Scan the records below. Copy every line in which the word "entity" appears.

[Excerpts from a dataset]

—————

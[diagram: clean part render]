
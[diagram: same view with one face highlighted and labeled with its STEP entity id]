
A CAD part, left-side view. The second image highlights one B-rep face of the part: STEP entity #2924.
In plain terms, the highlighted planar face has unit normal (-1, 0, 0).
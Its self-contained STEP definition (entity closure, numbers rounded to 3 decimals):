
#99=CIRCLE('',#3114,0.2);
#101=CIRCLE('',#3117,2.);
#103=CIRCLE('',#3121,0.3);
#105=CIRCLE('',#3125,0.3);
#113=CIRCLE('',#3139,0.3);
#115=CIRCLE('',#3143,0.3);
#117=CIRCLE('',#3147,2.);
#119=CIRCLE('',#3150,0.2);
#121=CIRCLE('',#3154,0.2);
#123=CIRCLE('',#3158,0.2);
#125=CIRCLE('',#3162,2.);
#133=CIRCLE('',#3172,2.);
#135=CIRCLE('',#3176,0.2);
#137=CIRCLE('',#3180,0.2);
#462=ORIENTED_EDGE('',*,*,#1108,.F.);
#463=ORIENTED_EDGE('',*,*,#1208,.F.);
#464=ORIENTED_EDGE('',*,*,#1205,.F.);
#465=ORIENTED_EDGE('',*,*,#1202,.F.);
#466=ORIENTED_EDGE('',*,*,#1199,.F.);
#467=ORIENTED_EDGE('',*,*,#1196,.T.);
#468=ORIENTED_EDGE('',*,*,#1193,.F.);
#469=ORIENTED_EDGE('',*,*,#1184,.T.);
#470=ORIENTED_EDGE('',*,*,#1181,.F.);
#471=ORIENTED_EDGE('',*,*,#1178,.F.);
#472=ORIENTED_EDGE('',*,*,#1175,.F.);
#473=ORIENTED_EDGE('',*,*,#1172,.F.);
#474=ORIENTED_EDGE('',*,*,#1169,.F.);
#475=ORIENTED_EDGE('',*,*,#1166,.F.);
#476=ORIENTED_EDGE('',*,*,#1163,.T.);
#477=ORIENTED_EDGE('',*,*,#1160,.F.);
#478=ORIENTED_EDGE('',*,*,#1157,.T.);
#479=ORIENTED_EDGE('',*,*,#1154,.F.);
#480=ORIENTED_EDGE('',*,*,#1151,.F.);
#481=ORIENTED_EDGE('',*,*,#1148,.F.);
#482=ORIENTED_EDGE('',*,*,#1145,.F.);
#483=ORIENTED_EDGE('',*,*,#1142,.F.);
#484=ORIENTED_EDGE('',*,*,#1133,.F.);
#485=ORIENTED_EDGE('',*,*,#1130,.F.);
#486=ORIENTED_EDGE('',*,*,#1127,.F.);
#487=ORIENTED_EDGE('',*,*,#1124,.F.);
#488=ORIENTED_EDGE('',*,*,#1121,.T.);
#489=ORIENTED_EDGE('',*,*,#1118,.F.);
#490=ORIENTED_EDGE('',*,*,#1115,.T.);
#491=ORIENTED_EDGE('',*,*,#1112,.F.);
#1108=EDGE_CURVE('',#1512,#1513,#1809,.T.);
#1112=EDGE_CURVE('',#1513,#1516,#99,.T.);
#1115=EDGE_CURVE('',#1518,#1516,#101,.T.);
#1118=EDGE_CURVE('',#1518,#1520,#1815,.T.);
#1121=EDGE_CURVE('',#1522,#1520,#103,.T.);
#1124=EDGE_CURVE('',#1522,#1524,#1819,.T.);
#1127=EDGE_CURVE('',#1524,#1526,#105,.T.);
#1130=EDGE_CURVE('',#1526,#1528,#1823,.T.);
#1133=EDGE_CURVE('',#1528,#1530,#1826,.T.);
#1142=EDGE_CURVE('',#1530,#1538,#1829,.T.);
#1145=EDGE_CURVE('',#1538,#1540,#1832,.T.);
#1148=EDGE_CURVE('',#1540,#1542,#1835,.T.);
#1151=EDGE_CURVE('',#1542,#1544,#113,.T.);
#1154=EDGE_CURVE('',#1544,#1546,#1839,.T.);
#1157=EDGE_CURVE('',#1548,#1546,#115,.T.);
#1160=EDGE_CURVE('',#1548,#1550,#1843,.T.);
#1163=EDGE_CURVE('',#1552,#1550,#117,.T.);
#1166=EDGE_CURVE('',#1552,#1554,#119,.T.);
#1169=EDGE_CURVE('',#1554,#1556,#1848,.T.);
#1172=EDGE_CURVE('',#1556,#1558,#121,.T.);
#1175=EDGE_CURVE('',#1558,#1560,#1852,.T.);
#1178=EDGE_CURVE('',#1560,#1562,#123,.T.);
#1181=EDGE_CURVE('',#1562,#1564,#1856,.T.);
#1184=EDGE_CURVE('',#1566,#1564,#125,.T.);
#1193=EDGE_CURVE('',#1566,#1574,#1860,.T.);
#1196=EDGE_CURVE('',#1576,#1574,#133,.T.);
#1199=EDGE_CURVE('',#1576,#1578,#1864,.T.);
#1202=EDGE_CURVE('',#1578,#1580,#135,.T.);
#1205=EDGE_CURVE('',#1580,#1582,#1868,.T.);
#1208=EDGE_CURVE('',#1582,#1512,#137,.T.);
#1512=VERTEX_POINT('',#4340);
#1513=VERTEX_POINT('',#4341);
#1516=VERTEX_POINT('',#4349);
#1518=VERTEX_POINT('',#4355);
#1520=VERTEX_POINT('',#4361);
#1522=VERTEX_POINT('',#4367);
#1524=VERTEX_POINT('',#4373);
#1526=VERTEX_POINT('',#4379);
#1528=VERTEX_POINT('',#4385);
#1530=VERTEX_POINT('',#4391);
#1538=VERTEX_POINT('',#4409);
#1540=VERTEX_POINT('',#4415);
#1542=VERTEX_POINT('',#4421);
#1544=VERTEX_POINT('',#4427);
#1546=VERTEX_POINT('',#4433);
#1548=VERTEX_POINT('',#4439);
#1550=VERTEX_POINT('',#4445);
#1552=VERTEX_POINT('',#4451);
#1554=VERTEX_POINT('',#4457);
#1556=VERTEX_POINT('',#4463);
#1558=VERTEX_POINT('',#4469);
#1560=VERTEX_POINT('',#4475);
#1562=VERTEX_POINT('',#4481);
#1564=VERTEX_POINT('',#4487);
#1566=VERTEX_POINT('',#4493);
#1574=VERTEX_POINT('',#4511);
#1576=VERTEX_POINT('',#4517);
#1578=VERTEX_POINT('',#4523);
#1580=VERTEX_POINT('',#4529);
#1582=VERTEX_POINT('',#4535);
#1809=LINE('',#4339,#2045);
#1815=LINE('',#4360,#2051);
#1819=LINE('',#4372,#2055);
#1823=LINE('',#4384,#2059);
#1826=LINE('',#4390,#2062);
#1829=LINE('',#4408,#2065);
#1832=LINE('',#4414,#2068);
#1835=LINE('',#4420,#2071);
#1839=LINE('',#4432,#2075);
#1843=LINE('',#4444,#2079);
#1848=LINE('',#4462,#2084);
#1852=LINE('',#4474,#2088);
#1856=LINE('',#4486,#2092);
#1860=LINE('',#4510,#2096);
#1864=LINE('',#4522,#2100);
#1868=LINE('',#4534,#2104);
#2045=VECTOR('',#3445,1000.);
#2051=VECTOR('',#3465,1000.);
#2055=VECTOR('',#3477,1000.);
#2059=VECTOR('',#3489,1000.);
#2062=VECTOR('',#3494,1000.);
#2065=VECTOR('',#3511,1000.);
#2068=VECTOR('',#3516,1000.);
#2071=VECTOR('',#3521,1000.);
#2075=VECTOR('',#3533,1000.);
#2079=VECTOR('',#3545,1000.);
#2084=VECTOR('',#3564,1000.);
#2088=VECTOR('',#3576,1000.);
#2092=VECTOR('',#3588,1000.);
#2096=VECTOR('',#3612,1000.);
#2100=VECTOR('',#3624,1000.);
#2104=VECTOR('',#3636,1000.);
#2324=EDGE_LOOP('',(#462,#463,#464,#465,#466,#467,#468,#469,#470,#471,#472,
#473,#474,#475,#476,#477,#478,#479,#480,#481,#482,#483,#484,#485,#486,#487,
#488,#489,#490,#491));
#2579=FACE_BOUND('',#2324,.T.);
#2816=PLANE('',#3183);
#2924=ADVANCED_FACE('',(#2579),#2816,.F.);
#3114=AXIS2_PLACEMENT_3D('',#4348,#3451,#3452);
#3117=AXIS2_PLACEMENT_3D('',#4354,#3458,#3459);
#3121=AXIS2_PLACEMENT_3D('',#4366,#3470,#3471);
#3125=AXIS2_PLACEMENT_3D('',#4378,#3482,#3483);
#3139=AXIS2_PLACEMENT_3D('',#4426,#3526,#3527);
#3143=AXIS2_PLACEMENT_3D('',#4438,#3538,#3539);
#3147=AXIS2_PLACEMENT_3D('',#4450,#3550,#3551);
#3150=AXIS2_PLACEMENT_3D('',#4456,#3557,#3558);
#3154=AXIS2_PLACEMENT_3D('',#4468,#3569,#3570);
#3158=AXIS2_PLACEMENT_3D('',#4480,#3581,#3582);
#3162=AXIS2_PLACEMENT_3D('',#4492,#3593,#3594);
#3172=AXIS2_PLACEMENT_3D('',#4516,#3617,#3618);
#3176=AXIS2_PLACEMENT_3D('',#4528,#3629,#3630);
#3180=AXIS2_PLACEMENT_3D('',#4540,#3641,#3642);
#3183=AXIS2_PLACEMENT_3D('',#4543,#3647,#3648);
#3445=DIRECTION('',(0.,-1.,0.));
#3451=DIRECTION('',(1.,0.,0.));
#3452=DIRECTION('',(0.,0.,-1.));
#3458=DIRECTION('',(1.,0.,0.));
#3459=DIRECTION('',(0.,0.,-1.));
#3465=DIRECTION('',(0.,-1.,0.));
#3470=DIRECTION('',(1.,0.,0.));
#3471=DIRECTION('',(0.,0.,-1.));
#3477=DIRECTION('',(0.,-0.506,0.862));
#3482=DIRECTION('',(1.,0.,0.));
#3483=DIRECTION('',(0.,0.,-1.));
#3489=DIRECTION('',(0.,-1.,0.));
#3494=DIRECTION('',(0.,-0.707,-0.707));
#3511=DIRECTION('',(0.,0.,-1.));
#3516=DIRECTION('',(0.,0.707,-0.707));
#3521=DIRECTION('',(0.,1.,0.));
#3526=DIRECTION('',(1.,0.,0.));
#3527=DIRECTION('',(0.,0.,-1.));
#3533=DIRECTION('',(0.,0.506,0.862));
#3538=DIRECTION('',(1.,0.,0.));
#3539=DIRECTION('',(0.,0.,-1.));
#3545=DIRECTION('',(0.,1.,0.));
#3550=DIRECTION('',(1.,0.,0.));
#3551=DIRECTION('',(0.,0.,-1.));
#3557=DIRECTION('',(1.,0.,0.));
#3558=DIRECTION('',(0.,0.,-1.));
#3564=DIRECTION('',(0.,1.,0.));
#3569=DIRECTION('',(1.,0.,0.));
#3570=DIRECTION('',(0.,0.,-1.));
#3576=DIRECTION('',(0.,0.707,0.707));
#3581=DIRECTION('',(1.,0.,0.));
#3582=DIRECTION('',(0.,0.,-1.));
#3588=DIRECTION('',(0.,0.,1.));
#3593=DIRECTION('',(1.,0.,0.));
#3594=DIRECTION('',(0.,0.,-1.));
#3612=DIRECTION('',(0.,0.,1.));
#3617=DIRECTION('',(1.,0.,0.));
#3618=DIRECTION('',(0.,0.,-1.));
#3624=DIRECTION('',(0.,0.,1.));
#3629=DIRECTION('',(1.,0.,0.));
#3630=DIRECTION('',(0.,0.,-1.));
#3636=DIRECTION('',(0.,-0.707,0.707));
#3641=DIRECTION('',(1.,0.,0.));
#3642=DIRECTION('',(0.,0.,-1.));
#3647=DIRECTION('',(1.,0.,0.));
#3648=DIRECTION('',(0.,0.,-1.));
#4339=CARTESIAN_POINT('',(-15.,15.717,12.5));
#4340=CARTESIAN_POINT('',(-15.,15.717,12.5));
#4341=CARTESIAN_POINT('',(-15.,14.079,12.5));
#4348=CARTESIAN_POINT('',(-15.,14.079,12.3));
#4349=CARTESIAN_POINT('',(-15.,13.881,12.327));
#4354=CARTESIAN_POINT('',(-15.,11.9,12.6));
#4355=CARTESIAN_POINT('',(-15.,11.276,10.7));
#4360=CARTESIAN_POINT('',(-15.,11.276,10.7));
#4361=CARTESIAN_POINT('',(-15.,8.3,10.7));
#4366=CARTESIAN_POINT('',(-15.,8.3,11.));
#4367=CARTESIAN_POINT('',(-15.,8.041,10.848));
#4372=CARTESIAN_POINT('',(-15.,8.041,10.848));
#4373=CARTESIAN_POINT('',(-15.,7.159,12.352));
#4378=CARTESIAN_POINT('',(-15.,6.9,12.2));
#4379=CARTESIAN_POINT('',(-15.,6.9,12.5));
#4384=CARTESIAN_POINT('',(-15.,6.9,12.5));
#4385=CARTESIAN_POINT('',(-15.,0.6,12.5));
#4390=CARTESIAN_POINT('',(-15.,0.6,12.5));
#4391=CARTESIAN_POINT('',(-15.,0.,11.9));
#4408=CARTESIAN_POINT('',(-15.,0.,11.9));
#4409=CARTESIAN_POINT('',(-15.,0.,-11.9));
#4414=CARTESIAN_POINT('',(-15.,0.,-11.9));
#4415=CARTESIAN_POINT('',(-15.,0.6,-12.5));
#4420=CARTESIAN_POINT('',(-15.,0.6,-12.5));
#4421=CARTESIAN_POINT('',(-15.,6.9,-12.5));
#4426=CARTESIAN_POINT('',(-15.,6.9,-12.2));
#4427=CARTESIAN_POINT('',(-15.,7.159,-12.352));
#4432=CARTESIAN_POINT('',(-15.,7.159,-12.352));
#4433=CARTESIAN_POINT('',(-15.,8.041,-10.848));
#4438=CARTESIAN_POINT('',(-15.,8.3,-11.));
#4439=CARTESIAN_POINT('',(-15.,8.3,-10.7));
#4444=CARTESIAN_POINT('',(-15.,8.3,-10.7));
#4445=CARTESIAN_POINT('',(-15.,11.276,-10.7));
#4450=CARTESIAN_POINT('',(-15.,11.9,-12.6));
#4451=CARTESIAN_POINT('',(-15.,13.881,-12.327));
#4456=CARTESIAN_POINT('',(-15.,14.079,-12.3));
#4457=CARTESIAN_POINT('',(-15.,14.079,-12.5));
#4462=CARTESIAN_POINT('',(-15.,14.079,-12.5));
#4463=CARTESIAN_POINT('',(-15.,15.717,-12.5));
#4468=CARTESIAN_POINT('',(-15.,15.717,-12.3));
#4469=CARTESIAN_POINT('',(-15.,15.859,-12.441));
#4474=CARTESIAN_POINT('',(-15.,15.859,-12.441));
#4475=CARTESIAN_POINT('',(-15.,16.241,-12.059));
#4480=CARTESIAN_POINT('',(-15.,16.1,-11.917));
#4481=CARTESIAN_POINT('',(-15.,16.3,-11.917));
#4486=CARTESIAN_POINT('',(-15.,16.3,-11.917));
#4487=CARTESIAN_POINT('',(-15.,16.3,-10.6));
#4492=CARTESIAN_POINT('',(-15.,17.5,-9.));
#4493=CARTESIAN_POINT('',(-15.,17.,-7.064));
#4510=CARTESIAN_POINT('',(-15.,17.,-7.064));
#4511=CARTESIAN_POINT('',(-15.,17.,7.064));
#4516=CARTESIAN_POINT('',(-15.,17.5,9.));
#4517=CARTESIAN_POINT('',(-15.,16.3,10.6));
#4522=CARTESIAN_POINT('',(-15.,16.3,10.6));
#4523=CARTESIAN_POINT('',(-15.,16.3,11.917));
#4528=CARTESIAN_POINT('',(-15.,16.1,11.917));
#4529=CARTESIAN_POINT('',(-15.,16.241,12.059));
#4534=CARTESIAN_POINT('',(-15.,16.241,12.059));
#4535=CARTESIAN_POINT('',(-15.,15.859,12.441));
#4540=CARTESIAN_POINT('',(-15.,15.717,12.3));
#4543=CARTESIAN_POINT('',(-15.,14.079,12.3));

—————

RESPONSE TO THIS TASK
[diagram: same view with one face highlighted and labeled with its STEP entity id]
A CAD part, left-side view. The second image highlights one B-rep face of the part: STEP entity #2924.
Its self-contained STEP definition (entity closure, numbers rounded to 3 decimals):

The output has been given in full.